Available again (not mine) for those who did not already download and print.
https://www.ebay.com/itm/224482527999?campid=5335809022Some of the presented pages look different, this time.


----------



## JLF (Jun 6, 2021)

Men's Single Bar Special - Model #01169 on page 4.  

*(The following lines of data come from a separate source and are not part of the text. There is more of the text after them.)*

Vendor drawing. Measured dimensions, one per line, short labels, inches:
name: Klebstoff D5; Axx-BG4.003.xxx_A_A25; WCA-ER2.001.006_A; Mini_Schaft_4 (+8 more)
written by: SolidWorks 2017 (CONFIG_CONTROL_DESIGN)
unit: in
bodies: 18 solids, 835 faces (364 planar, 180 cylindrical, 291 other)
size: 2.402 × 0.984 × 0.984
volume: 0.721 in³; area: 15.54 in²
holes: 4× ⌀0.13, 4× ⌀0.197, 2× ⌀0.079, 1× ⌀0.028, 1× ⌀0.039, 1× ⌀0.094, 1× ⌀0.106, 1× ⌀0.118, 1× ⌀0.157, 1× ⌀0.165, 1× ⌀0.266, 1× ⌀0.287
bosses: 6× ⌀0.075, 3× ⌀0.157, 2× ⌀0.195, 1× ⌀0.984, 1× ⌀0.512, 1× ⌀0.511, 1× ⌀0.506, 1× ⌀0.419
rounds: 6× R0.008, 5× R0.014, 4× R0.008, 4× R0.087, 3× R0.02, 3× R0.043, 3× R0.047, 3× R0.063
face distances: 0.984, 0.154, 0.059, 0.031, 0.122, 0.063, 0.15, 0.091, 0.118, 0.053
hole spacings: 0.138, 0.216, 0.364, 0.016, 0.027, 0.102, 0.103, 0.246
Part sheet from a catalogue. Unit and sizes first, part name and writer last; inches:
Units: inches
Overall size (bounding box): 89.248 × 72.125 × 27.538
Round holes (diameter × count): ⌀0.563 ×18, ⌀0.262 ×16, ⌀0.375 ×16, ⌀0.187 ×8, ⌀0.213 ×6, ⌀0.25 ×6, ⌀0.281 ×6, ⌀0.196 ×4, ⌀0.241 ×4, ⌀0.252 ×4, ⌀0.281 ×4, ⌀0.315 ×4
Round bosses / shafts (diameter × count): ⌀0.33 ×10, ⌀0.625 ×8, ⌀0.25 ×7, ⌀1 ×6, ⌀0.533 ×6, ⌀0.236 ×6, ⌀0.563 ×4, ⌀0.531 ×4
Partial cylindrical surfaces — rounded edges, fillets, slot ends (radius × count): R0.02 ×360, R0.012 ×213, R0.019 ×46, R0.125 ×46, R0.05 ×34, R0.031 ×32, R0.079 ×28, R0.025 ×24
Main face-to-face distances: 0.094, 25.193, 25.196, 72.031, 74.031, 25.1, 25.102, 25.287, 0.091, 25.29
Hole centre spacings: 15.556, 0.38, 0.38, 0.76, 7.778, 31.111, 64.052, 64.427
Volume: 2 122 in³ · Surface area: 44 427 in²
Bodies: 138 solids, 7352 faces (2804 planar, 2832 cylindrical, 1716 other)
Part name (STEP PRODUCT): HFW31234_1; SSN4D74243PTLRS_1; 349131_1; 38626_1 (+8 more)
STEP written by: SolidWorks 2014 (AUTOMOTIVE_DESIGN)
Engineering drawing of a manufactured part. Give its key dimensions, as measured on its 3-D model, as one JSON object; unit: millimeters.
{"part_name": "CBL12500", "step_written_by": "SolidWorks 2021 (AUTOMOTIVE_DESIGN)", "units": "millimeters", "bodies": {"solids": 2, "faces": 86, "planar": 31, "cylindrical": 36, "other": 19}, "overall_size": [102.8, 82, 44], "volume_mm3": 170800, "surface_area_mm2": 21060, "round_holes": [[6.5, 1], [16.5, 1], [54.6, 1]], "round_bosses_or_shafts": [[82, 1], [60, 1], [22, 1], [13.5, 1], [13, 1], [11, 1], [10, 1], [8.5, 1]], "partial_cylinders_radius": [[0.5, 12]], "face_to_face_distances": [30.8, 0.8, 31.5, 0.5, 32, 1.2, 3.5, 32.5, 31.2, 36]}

Interesting that it doesn't have a photo of that model, but I assume its the same bike as my 1942 'camelback'.  Mine was maroon and white under the green and white house paint.  So the colors were around for a few years too.


----------



## bikewhorder (Jun 9, 2021)

So there's a '39 Colson Commander? Any of these unicorns ever show up IRL?


----------



## bikewhorder (Jun 9, 2021)

Thanks for posting this @Archie Sturmer  I got the seller to come back down a bit on the price.  I had to have it to go with my '39 Deluxe model #04369


----------



## Archie Sturmer (Jun 9, 2021)

The thanks should go to @Boris who started this thread.


----------



## Freqman1 (Jun 9, 2021)

bikewhorder said:


> Thanks for posting this @Archie Sturmer  I got the seller to come back down a bit on the price.  I had to have it to go with my '39 Deluxe model #04369
> 
> View attachment 1427273
> 
> View attachment 1427274



What chain ring is on that bike? V/r Shawn


----------



## fordmike65 (Jun 10, 2021)

Freqman1 said:


> What chain ring is on that bike? V/r Shawn



Almost looks like an early Iver. I believe that's the bike "as-found". Here's another pic after a few things were corrected and swapped in.


----------



## Freqman1 (Jun 10, 2021)

Looks like it morphed from a Deluxe to an Imperial with the early stem. They do this to Schwinns all the time! V/r Shawn


----------



## bikewhorder (Jun 10, 2021)

Freqman1 said:


> Looks like it morphed from a Deluxe to an Imperial with the early stem. They do this to Schwinns all the time! V/r Shawn



It's going to be morphed back into a non Imperial.  The bike also came with the original fenders not shown in any of these pictures.


----------